Daemon waits on the stone bridge, the sea wind whipping against his face, as she approaches. In her cloak of grey, she would fade into the cloudy mist, were it not for her white-blonde hair. As her figure grows clearer, his eyes search her neck until he sees the glint of gold. She does not wear the steel he gave her. He knows not why he thought she might, yet he realizes now that he was counting on it.
He had arrived first. He'd wanted time alone in the fortress he once called home. He knew she would not mind.
"Uncle," she says in greeting.
"Rhaenyra," he says, "I am glad to see you."
"I am sorry for your late wife." She speaks gently but her voice is deeper than he remembers it. She is pretty as ever, yet Daemon scarcely recognizes her. He recalls the day he gifted her the jewelry he's been imagining 'round her neck, her jests cutting through the dark mood he had found himself in. Daemon has always been able to rely on her mischief to coax him back out of himself, the grin he saw so oft he still considers it part of her face. She is not smiling now.
Daemon was anticipating the difficulty of seeing her on Laenor's arm, their comfort with each other, the three children he suspected had been sired by Ser Harwin Strong. He has not wished to see the intimacy the two of them once shared now shared with others.
And yet despite the presence of Rhaenyra's family, despite the presence of their guards, she appears very much alone – exhaustion in her countenance. He remembers the light that once lived behind those eyes.
Daemon wonders what she thinks as she takes him in. Although the years have scarcely bothered to touch his face, he recalls what Laena said to him on the last night before her passing: "The man I married was more than this."
Laena. He feels an ache in his chest as her image swims back to him, the white curls that gently framed her face, her quiet strength. She had deserved better than she got.
Rhaenyra is looking at him with compassion and… pity. This isn't how he imagined this going.
"Thank you for taking care of her," says Laenor, stepping beside Rhaenyra and taking her arm. His eyes are red.
"She fought until the end," replies Daemon. "She died as she lived." My brave girl, he thinks to himself, though these words feel too intimate to speak aloud.
She does not lean into him, Daemon thinks to himself, noting the stiffness between the princess and her lord husband.
"If we can be of any assistance," Rhaenyra begins and then pauses as if assessing him. "With your girls. I know what it is like to lose a mother. The wound never fully closes."
All he can do is bow his head. What else is there to say? A gust of wind sends the tide spilling over the rocks, and Daemon turns, leading them back toward the castle that is no longer his. He is thankful for the roaring sea, for the footsteps of the men who escort them and their clinking of armor – for these deafening sounds make it difficult to speak whilst they walk.
This is not how he imagined it. This is not how he imagined her.

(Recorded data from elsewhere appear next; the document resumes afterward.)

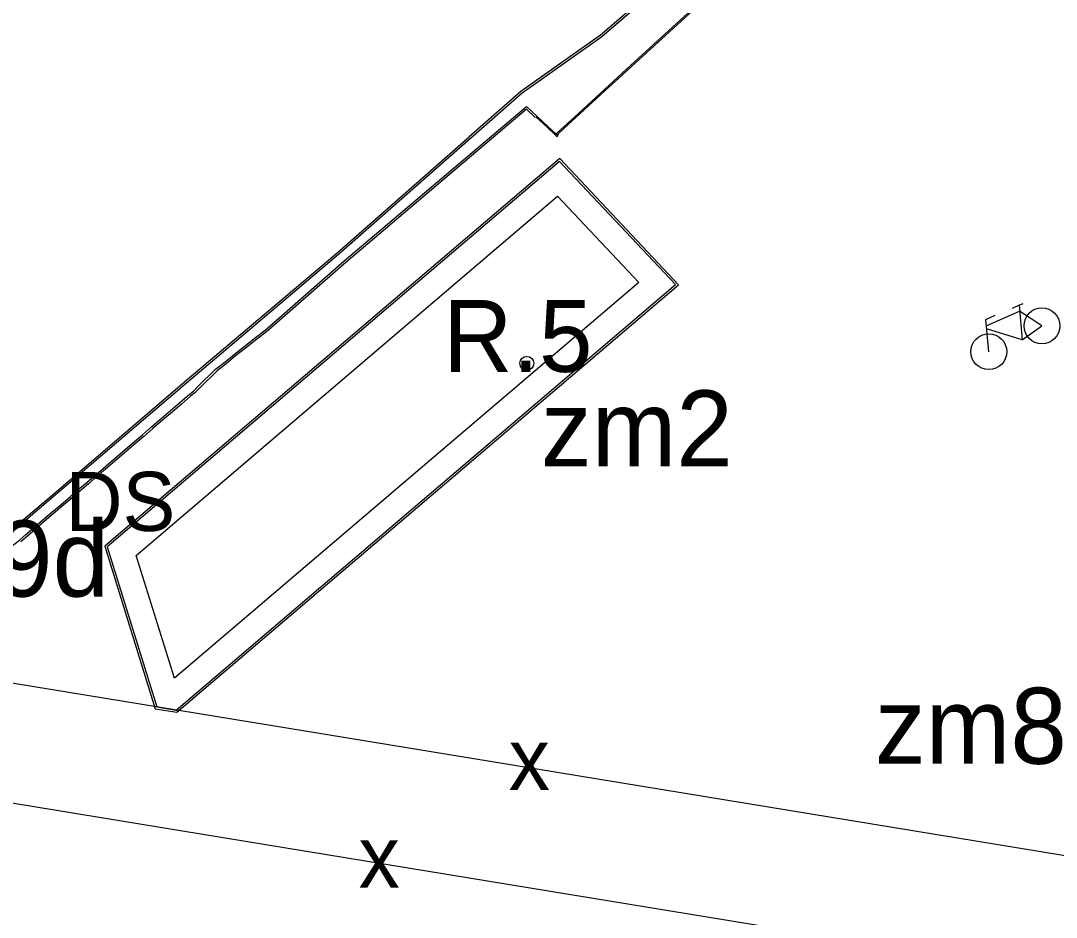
# Model space of a CAD drawing. Extents: x -555070 to -553076, y -1186731 to -1182766.
# Drawn here: x -554659.4 to -554414.1, y -1185500.5 to -1185288.2 of the extents above; entities that cross this region are included whole.
import ezdxf

# ---------------------------------------------------------------- set-up
doc = ezdxf.new("R2010")
doc.units = 0
for name, color, linetype in [('CYKLISTI_stav', 7, 'Continuous'), ('HRANICE_ZMENY_DO_KOO', 7, 'Continuous'), ('Level 10', 7, 'Continuous'), ('Level 13', 7, 'Continuous'), ('Level 29', 7, 'Continuous'), ('Level 4', 7, 'Continuous'), ('Level 46', 7, 'Continuous'), ('Level 59', 7, 'Continuous'), ('OBRYS_PLOCH', 7, 'Continuous'), ('rezerva_BV', 7, 'Continuous'), ('stav_DS', 7, 'Continuous')]:
    doc.layers.add(name, color=color, linetype=linetype)

msp = doc.modelspace()

# ---------------------------------------------------------------- linework, layer by layer
at = {"layer": 'CYKLISTI_stav'}
for p, q in [((-554422.93, -1185355.56), (-554424.57, -1185356.33)), ((-554422.93, -1185355.56), (-554422.02, -1185355.16)), ((-554422.93, -1185355.56), (-554422.24, -1185363.73)), ((-554430.86, -1185358.95), (-554428.64, -1185357.93)), ((-554430.13, -1185366.55), (-554430.86, -1185358.95)), ((-554430.72, -1185360.44), (-554422.82, -1185356.93)), ((-554417.54, -1185360.43), (-554422.82, -1185356.93)), ((-554422.24, -1185363.73), (-554430.65, -1185361.15)), ((-554422.24, -1185363.73), (-554417.54, -1185360.43))]:
    msp.add_line(p, q, dxfattribs=at)
for centre in [(-554417.54, -1185360.43), (-554430.13, -1185366.55)]:
    msp.add_circle(centre, 4.25, dxfattribs=at)
at = {"layer": 'HRANICE_ZMENY_DO_KOO'}
for p, q in [((-554497.69, -1185270.65), (-554522.05, -1185291.6)), ((-554522.05, -1185291.6), (-554540.91, -1185304.97)), ((-554540.91, -1185304.97), (-554553.18, -1185315.71)), ((-554539.64, -1185309.13), (-554582.42, -1185345.45)), ((-554537.54, -1185311.08), (-554539.64, -1185309.13)), ((-554584.48, -1185343.12), (-554553.18, -1185315.71)), ((-554620.48, -1185373.63), (-554584.48, -1185343.12)), ((-554582.42, -1185345.45), (-554601.2, -1185361.87)), ((-554603.5, -1185363.59), (-554606.15, -1185365.72)), ((-554601.2, -1185361.87), (-554603.5, -1185363.59)), ((-554606.15, -1185365.72), (-554608.48, -1185367.51)), ((-554608.48, -1185367.51), (-554610.74, -1185369.4)), ((-554612.89, -1185371.08), (-554616.97, -1185375.08)), ((-554610.74, -1185369.4), (-554612.89, -1185371.08)), ((-554650.96, -1185399.7), (-554620.48, -1185373.63)), ((-554618.16, -1185376.25), (-554619.15, -1185377.1)), ((-554616.97, -1185375.08), (-554618.16, -1185376.25)), ((-554619.15, -1185377.1), (-554621.34, -1185378.97)), ((-554623.55, -1185380.87), (-554625.78, -1185382.78)), ((-554621.34, -1185378.97), (-554623.55, -1185380.87)), ((-554625.78, -1185382.78), (-554628.06, -1185384.72)), ((-554628.06, -1185384.72), (-554630.26, -1185386.6)), ((-554632.58, -1185388.59), (-554634.89, -1185390.58)), ((-554630.26, -1185386.6), (-554632.58, -1185388.59)), ((-554634.89, -1185390.58), (-554638.83, -1185393.94)), ((-554638.83, -1185393.94), (-554641.3, -1185396.06)), ((-554643.35, -1185397.82), (-554645.42, -1185399.59)), ((-554641.3, -1185396.06), (-554643.35, -1185397.82)), ((-554662.18, -1185409.19), (-554650.96, -1185399.7)), ((-554645.42, -1185399.59), (-554647.3, -1185401.2)), ((-554649.6, -1185403.16), (-554651.7, -1185404.96)), ((-554647.3, -1185401.2), (-554649.6, -1185403.16)), ((-554651.7, -1185404.96), (-554653.79, -1185406.76)), ((-554653.79, -1185406.76), (-554655.81, -1185408.47)), ((-554657.81, -1185410.19), (-554659.38, -1185411.54)), ((-554655.81, -1185408.47), (-554657.81, -1185410.19))]:
    msp.add_line(p, q, dxfattribs=at)
msp.add_lwpolyline([(-554537.4, -1185310.93), (-554534.73, -1185313.41), (-554532.82, -1185315.19), (-554532.31, -1185315.67), (-554532.05, -1185314.87), (-554529.73, -1185312.74), (-554527.04, -1185310.28), (-554524.01, -1185307.5), (-554520.98, -1185304.73), (-554517.74, -1185301.76), (-554514.76, -1185299.04), (-554501.19, -1185286.63), (-554500.05, -1185285.59), (-554483.01, -1185271.32), (-554467.44, -1185258.63), (-554452.63, -1185246.62), (-554445.86, -1185240.54), (-554433.11, -1185229.16), (-554430.24, -1185228.1), (-554425.89, -1185227.65), (-554422.67, -1185227.83), (-554416.8, -1185229.06), (-554414.23, -1185229.78)], dxfattribs=at)
msp.add_lwpolyline([(-554503.58, -1185350.68), (-554531.74, -1185320.8), (-554639.5, -1185412.62), (-554627.57, -1185451.08), (-554622.41, -1185451.92)], close=True, dxfattribs=at)
at = {"layer": 'Level 13'}
for p, q in [((-554531.78, -1185321.49), (-554638.92, -1185412.79)), ((-554504.31, -1185350.64), (-554531.78, -1185321.49)), ((-554622.56, -1185451.39), (-554504.31, -1185350.64))]:
    msp.add_line(p, q, dxfattribs=at)
msp.add_lwpolyline([(-554638.92, -1185412.79), (-554627.18, -1185450.64), (-554622.56, -1185451.39)], dxfattribs=at)
at = {"layer": 'Level 29'}
for points in [[(-554293.2, -1185505.39), (-554587.17, -1185457.18), (-554869.52, -1185410.99), (-555057.83, -1185309.87), (-555060.53, -1185308.42)], [(-555065.37, -1185337.55), (-554878.61, -1185437.76), (-554591.7, -1185484.82), (-554218.96, -1185545.93), (-553901.49, -1185597.94), (-553620.76, -1185643.99), (-553313.81, -1185694.25), (-553085.95, -1185731.63)]]:
    msp.add_lwpolyline(points, dxfattribs=at)
at = {"layer": 'Level 4'}
msp.add_circle((-554539.54, -1185369.3), 1.64, dxfattribs=at)
at = {"layer": 'OBRYS_PLOCH'}
for p, q in [((-554521.74, -1185291.99), (-554540.6, -1185305.36)), ((-554582.75, -1185345.07), (-554539.62, -1185308.46)), ((-554539.62, -1185308.46), (-554537.2, -1185310.71)), ((-554537.2, -1185310.71), (-554534.53, -1185313.19)), ((-554534.53, -1185313.19), (-554532.62, -1185314.97)), ((-554532.62, -1185314.97), (-554532.45, -1185315.13)), ((-554601.51, -1185361.48), (-554582.75, -1185345.07)), ((-554603.81, -1185363.19), (-554601.51, -1185361.48)), ((-554613.22, -1185370.7), (-554611.05, -1185369.01)), ((-554621.67, -1185378.59), (-554619.48, -1185376.72)), ((-554635.22, -1185390.2), (-554632.91, -1185388.21)), ((-554639.15, -1185393.56), (-554635.22, -1185390.2)), ((-554641.63, -1185395.68), (-554639.15, -1185393.56)), ((-554649.92, -1185402.78), (-554647.63, -1185400.82)), ((-554647.63, -1185400.82), (-554645.75, -1185399.21))]:
    msp.add_line(p, q, dxfattribs=at)
for points in [[(-554468.69, -1185246.34), (-554489.84, -1185263.62), (-554497.35, -1185271.02), (-554521.74, -1185291.99)], [(-554532.45, -1185315.13), (-554532.31, -1185314.7), (-554529.93, -1185312.52), (-554527.24, -1185310.06), (-554524.21, -1185307.28), (-554521.18, -1185304.51), (-554517.94, -1185301.54), (-554514.96, -1185298.82), (-554501.39, -1185286.41), (-554500.25, -1185285.36), (-554483.2, -1185271.09)], [(-554540.6, -1185305.36), (-554552.85, -1185316.09), (-554584.15, -1185343.5), (-554620.16, -1185374.01)], [(-554611.05, -1185369.01), (-554608.79, -1185367.12), (-554606.46, -1185365.33), (-554603.81, -1185363.19)], [(-554619.48, -1185376.72), (-554618.5, -1185375.88), (-554617.32, -1185374.72), (-554613.22, -1185370.7)], [(-554620.16, -1185374.01), (-554650.64, -1185400.08), (-554661.85, -1185409.57)], [(-554626.11, -1185382.4), (-554623.88, -1185380.49), (-554621.67, -1185378.59)], [(-554632.91, -1185388.21), (-554630.58, -1185386.22), (-554628.38, -1185384.34), (-554626.11, -1185382.4)], [(-554645.75, -1185399.21), (-554643.68, -1185397.44), (-554641.63, -1185395.68)], [(-554654.12, -1185406.38), (-554652.03, -1185404.58), (-554649.92, -1185402.78)], [(-554658.14, -1185409.81), (-554656.13, -1185408.09), (-554654.12, -1185406.38)], [(-554663.8, -1185414.32), (-554661.71, -1185412.73), (-554659.7, -1185411.15), (-554658.14, -1185409.81)]]:
    msp.add_lwpolyline(points, dxfattribs=at)
at = {"layer": 'rezerva_BV'}
for p, q in [((-554531.78, -1185321.49), (-554638.92, -1185412.79)), ((-554531.78, -1185321.49), (-554638.92, -1185412.79)), ((-554504.31, -1185350.64), (-554531.78, -1185321.49)), ((-554504.31, -1185350.64), (-554531.78, -1185321.49)), ((-554622.56, -1185451.39), (-554504.31, -1185350.64)), ((-554622.56, -1185451.39), (-554504.31, -1185350.64))]:
    msp.add_line(p, q, dxfattribs=at)
for points in [[(-554622.99, -1185443.89), (-554632.02, -1185414.79), (-554532.23, -1185329.76), (-554513, -1185350.16), (-554622.99, -1185443.89)], [(-554638.92, -1185412.79), (-554627.18, -1185450.64), (-554622.56, -1185451.39)], [(-554638.92, -1185412.79), (-554627.18, -1185450.64), (-554622.56, -1185451.39)]]:
    msp.add_lwpolyline(points, dxfattribs=at)
at = {"layer": 'stav_DS'}
for p, q in [((-554521.74, -1185291.99), (-554540.6, -1185305.36)), ((-554582.75, -1185345.07), (-554539.62, -1185308.46)), ((-554539.62, -1185308.46), (-554537.2, -1185310.71)), ((-554537.2, -1185310.71), (-554534.53, -1185313.19)), ((-554534.53, -1185313.19), (-554532.62, -1185314.97)), ((-554532.62, -1185314.97), (-554532.45, -1185315.13)), ((-554601.51, -1185361.48), (-554582.75, -1185345.07)), ((-554603.81, -1185363.19), (-554601.51, -1185361.48)), ((-554613.22, -1185370.7), (-554611.05, -1185369.01)), ((-554621.67, -1185378.59), (-554619.48, -1185376.72)), ((-554635.22, -1185390.2), (-554632.91, -1185388.21)), ((-554639.15, -1185393.56), (-554635.22, -1185390.2)), ((-554641.63, -1185395.68), (-554639.15, -1185393.56)), ((-554649.92, -1185402.78), (-554647.63, -1185400.82)), ((-554647.63, -1185400.82), (-554645.75, -1185399.21))]:
    msp.add_line(p, q, dxfattribs=at)
for points in [[(-554468.69, -1185246.34), (-554489.84, -1185263.62), (-554497.35, -1185271.02), (-554521.74, -1185291.99)], [(-554532.45, -1185315.13), (-554532.31, -1185314.7), (-554529.93, -1185312.52), (-554527.24, -1185310.06), (-554524.21, -1185307.28), (-554521.18, -1185304.51), (-554517.94, -1185301.54), (-554514.96, -1185298.82), (-554501.39, -1185286.41), (-554500.25, -1185285.36), (-554483.2, -1185271.09)], [(-554540.6, -1185305.36), (-554552.85, -1185316.09), (-554584.15, -1185343.5), (-554620.16, -1185374.01)], [(-554611.05, -1185369.01), (-554608.79, -1185367.12), (-554606.46, -1185365.33), (-554603.81, -1185363.19)], [(-554619.48, -1185376.72), (-554618.5, -1185375.88), (-554617.32, -1185374.72), (-554613.22, -1185370.7)], [(-554620.16, -1185374.01), (-554650.64, -1185400.08), (-554661.85, -1185409.57)], [(-554626.11, -1185382.4), (-554623.88, -1185380.49), (-554621.67, -1185378.59)], [(-554632.91, -1185388.21), (-554630.58, -1185386.22), (-554628.38, -1185384.34), (-554626.11, -1185382.4)], [(-554645.75, -1185399.21), (-554643.68, -1185397.44), (-554641.63, -1185395.68)], [(-554654.12, -1185406.38), (-554652.03, -1185404.58), (-554649.92, -1185402.78)], [(-554658.14, -1185409.81), (-554656.13, -1185408.09), (-554654.12, -1185406.38)], [(-554663.8, -1185414.32), (-554661.71, -1185412.73), (-554659.7, -1185411.15), (-554658.14, -1185409.81)]]:
    msp.add_lwpolyline(points, dxfattribs=at)

# ---------------------------------------------------------------- texts
at = {"layer": 'Level 10'}
for s, p in [('zm2', (-554536.21, -1185393.72)), ('zm9d', (-554697.31, -1185424.53)), ('zm8d', (-554457.1, -1185464.13))]:
    msp.add_text(s, height=18, dxfattribs=at).set_placement(p)
at = {"layer": 'Level 29'}
for p in [(-554543.83, -1185470.33), (-554579.38, -1185493.49)]:
    msp.add_text('x', height=14.62, rotation=0.008, dxfattribs=at).set_placement(p)
at = {"layer": 'Level 46'}
msp.add_text('R.5', height=17, dxfattribs=at).set_placement((-554559.36, -1185371.32))
at = {"layer": 'Level 59'}
msp.add_text('DS', height=14, dxfattribs=at).set_placement((-554648.78, -1185409))

doc.saveas('drawing.dxf')

They had always found their way back to one another – sometimes years between their meetings – as if no time had passed: the quiet familiarity between them simmering below the silence. He now feels as if the cord between them has been severed. He has been holding his end for ten years, trusting it would one day lead him back to her. He wonders what happened to her necklace. When was the last time he saw her in it? The wedding feast? No, she was not wearing it then. He searches for her neck again in his memory. Ah yes, he thinks to himself, the pleasure house, a smile softly tugging at the corners of his lips. He remembers running his fingers over her face – her eyes rapt – as he glanced it, pride swelling in his breast, as he leaned down to capture her parted mouth with his.
That was the last time he'd seen her wear it.
Her mouth looks different now. It is not the lines on her face that disturb him. Time has been kind to her as well. No, it's the downward turn of those lips, the frown he saw when he looked at her. Living there on her face. He does not need to turn around to know it is still there, that it has grown there for years – her face slowly hardening with each day spent in King's Landing without a friend, her body hardening rapidly in the throes of each labor, the steady darkening of her eyes with each piece of slander she faces in court.
It was he who did this to her and then fled. He has hid in his books for the past ten years while she slowly turned to stone, convincing himself first of his strategy and later, his restraint.
"The man I married was more than this."
Daemon turns to glance at her and at once understands the root of his disturbance. It is not guilt he feels nor is it shame for how he must appear to eyes that have grown; it is not the time they spent apart nor is it the man on her arm, nor is it the children on her hip.
It is the simple matter that she is not looking at him at all.